Gold prices ended lower this week, but not before logging strong intra-day gains on the final trading day.

Spot gold hovered at $1,309.80 (£856.86 , €985.92) an ounce, dropping 1.8% in the week ending 3 August. US gold futures for December delivery settled down 70 cents at $1,310.50 an ounce, preliminary Reuters data showed.

A mixed US nonfarm payrolls report boosted intra-day prices on Friday, as it eased fears surrounding an imminent cutback in monetary stimulus by the Federal Reserve. The Fed's massive $85bn a month bond-buying program has been providing stimulus to the US economy, and markets the world over, for some time.

Gold initially fell to a two-week low at $1,280 an ounce after positive US growth and manufacturing activity data, earlier in the week, reduced the metal's attractiveness as an investment hedge. The world's leading economy expanded 1.7% in the second quarter. US factory activity grew at its fastest pace in two years in July.

Gold bounced back on Friday, gaining about $30 or 2% in intra-day trade, after US government data showed that America created fewer jobs in July, compared to June, just as the jobless rate fell to its lowest in over four years that month.

The jobs data fuelled a sharp drop in US Treasury bond yields, seen as measures of short-term interest rates.

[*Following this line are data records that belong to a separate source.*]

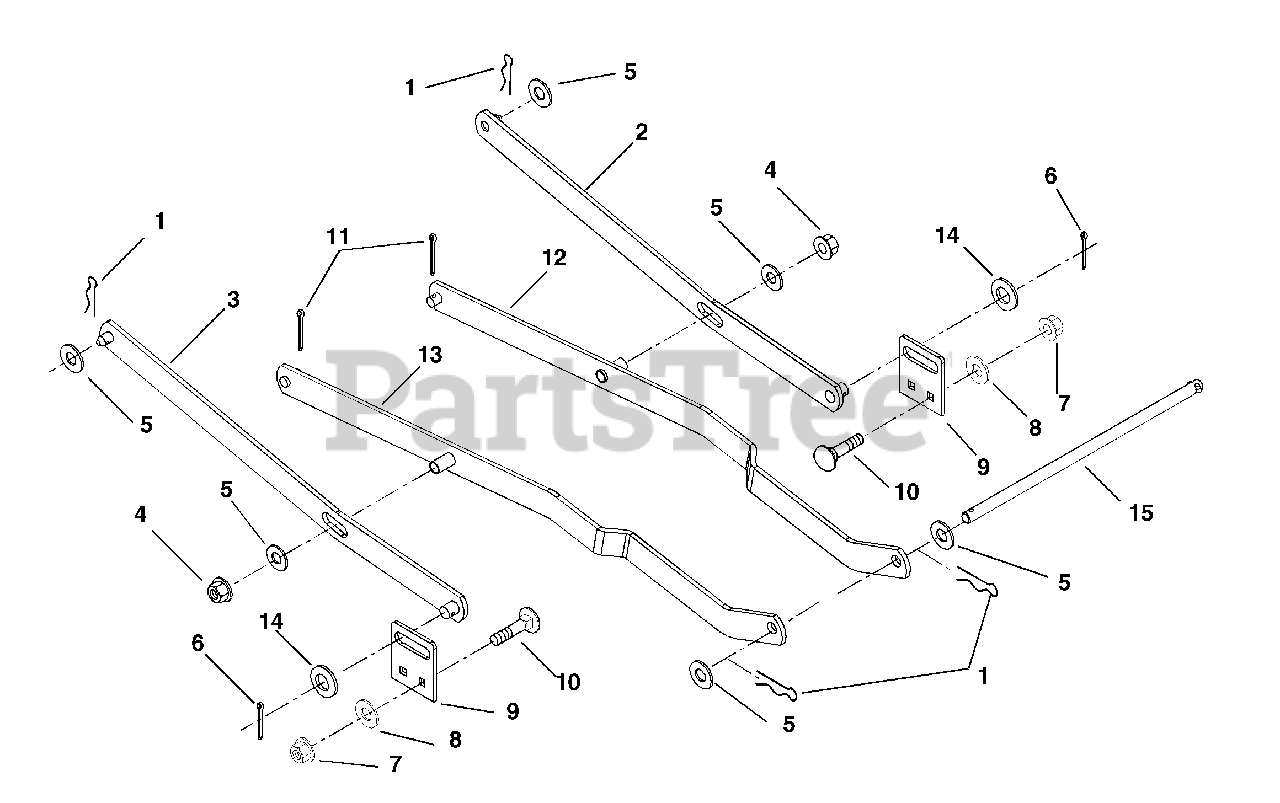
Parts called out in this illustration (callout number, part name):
1	PIN-HAIR-EXT .12X.31X2.37 YWZC
2	ARM, LIFT-LEFT REAR
3	ARM, LIFT-RIGHT REAR
4	@NUT-LK-CTR .62-11 YWZC
5	@WSHR-FL-STL.656X1.31X.095 YWZ
6	@PIN-CTR .16X1.25 EXTPRSQCT YZ
7	NUT-LK-CTR .375-16 YWZC
8	@WSHR-FL-STL.406X.812X.065 YWZ
9	ADJUSTOR, PAN
10	@BLT-RDHDSQNK .38-16X1.00 G2YZ
11	@PIN-CTR .12X1.25 EXTPRSQCT YZ
12	ARM, LIFT-RIGHT FORWARD
13	ARM, LIFT-LEFT FORWARD
14	@WSHR-FL-STL.531X1.06X.095YWZC
15	ROD-DECK HANGER, FRONT

"Gold seems to be more sensitive to signs of tapering than any other assets. Certainly, the direction of interest rate is a very crucial thing for gold at this point," Reuters quoted Bill O'Neill, partner of commodities investment firm LOGIC Advisors, as saying.

The US Federal Reserve remains determined to start trimming its $85bn bond-buying programme later this year but continues to remain tight-lipped about when the planned reduction will take place.

Earlier this week, the Fed's policy-making committee said nothing about how much longer it would continue with its bond-buying stimulus. A Fed statement said the central bank will continue buying mortgage and treasury securities to further strengthen the US economy which it said was still challenged by federal austerity measures.